---------- ENTRIES SHOWN

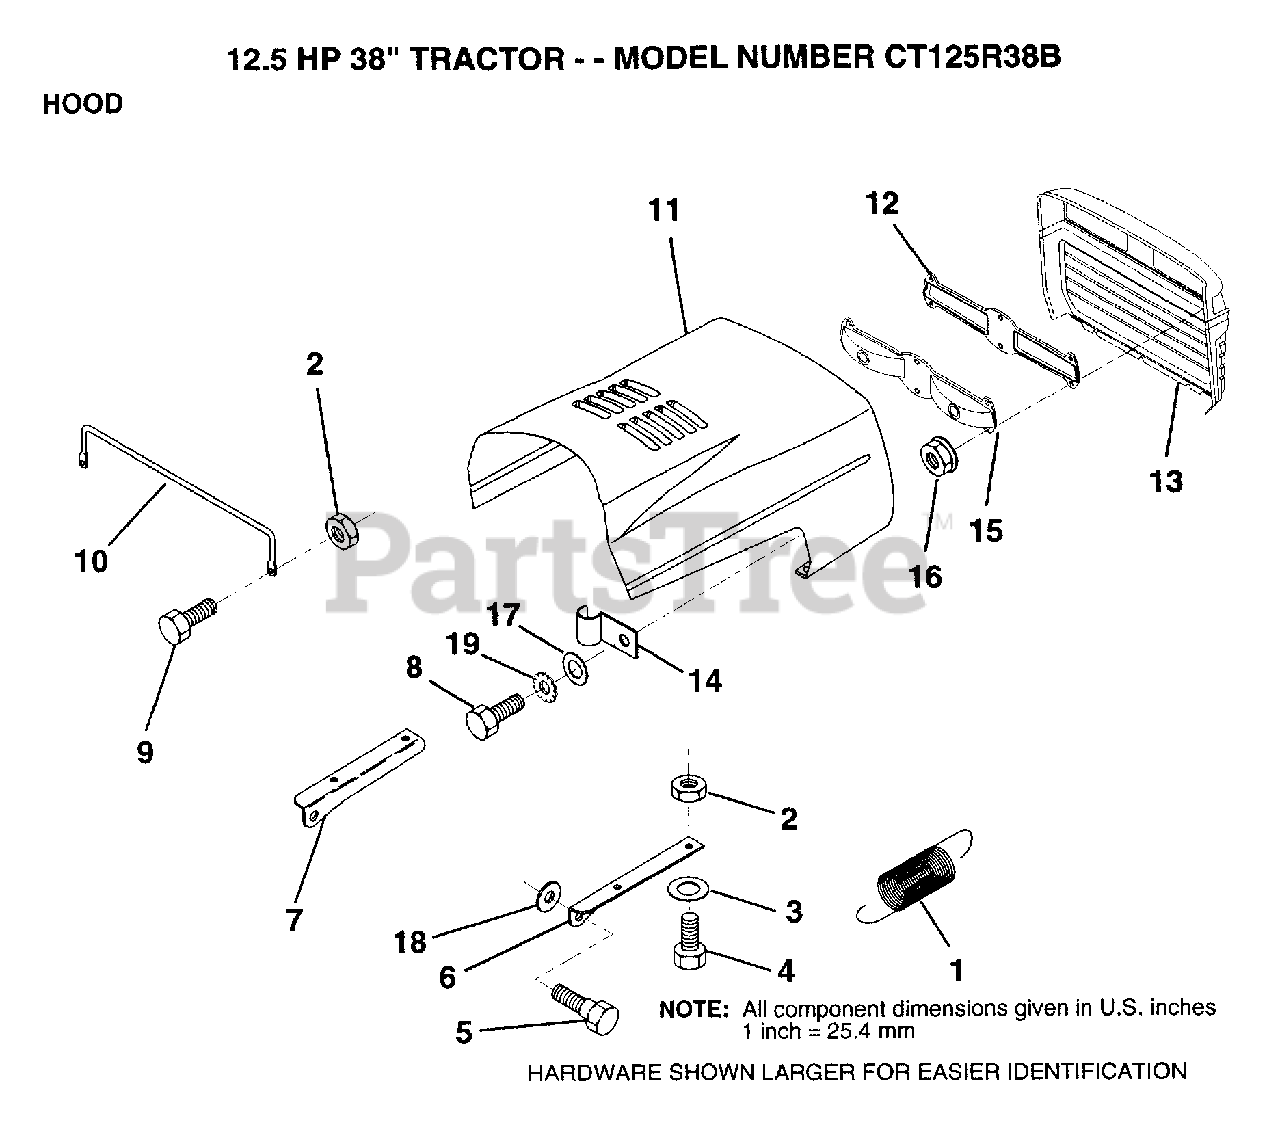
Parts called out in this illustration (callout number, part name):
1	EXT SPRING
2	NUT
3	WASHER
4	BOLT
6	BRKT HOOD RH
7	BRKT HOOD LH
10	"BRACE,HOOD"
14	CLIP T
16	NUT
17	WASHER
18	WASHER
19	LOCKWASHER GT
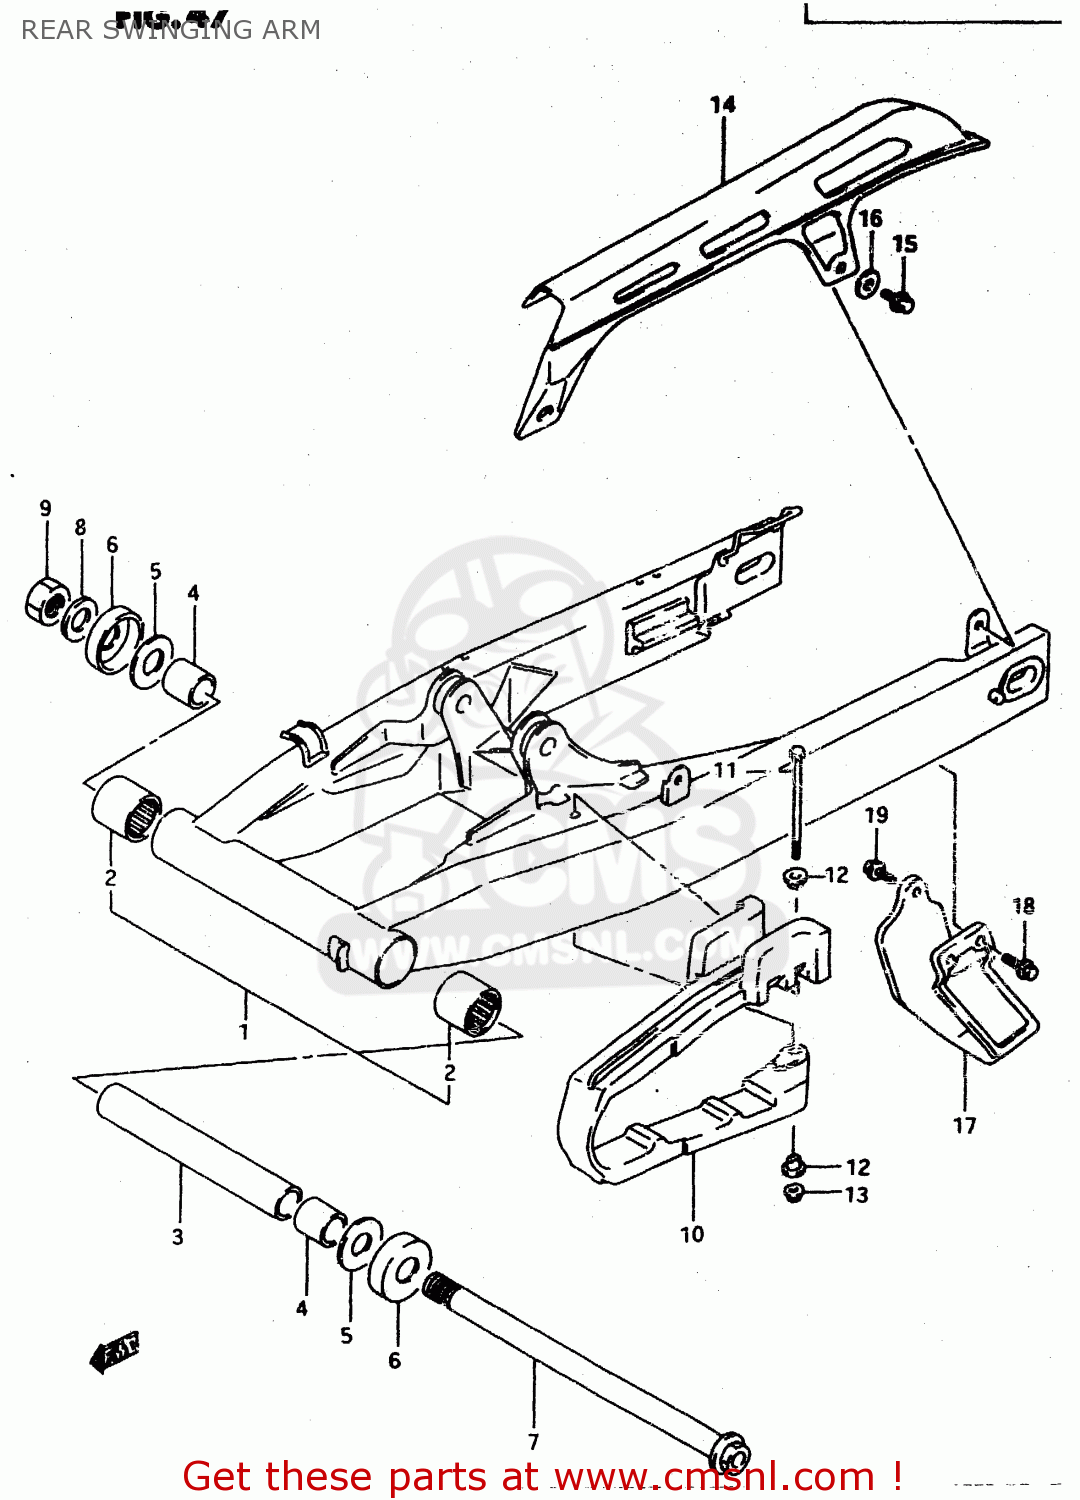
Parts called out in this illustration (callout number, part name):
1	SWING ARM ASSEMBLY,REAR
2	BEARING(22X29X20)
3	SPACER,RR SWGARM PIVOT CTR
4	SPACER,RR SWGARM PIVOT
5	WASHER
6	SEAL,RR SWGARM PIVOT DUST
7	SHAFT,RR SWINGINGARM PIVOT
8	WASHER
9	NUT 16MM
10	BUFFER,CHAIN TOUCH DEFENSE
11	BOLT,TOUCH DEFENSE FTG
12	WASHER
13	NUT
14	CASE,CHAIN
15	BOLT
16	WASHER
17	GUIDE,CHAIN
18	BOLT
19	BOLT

--------------------

* WHAT NEEDS TO BE DONE
Copy the data verbatim, skipping any image it holds.

* ANSWER AREA
Parts called out in this illustration (callout number, part name):
1	EXT SPRING
2	NUT
3	WASHER
4	BOLT
6	BRKT HOOD RH
7	BRKT HOOD LH
10	"BRACE,HOOD"
14	CLIP T
16	NUT
17	WASHER
18	WASHER
19	LOCKWASHER GT
Parts called out in this illustration (callout number, part name):
1	SWING ARM ASSEMBLY,REAR
2	BEARING(22X29X20)
3	SPACER,RR SWGARM PIVOT CTR
4	SPACER,RR SWGARM PIVOT
5	WASHER
6	SEAL,RR SWGARM PIVOT DUST
7	SHAFT,RR SWINGINGARM PIVOT
8	WASHER
9	NUT 16MM
10	BUFFER,CHAIN TOUCH DEFENSE
11	BOLT,TOUCH DEFENSE FTG
12	WASHER
13	NUT
14	CASE,CHAIN
15	BOLT
16	WASHER
17	GUIDE,CHAIN
18	BOLT
19	BOLT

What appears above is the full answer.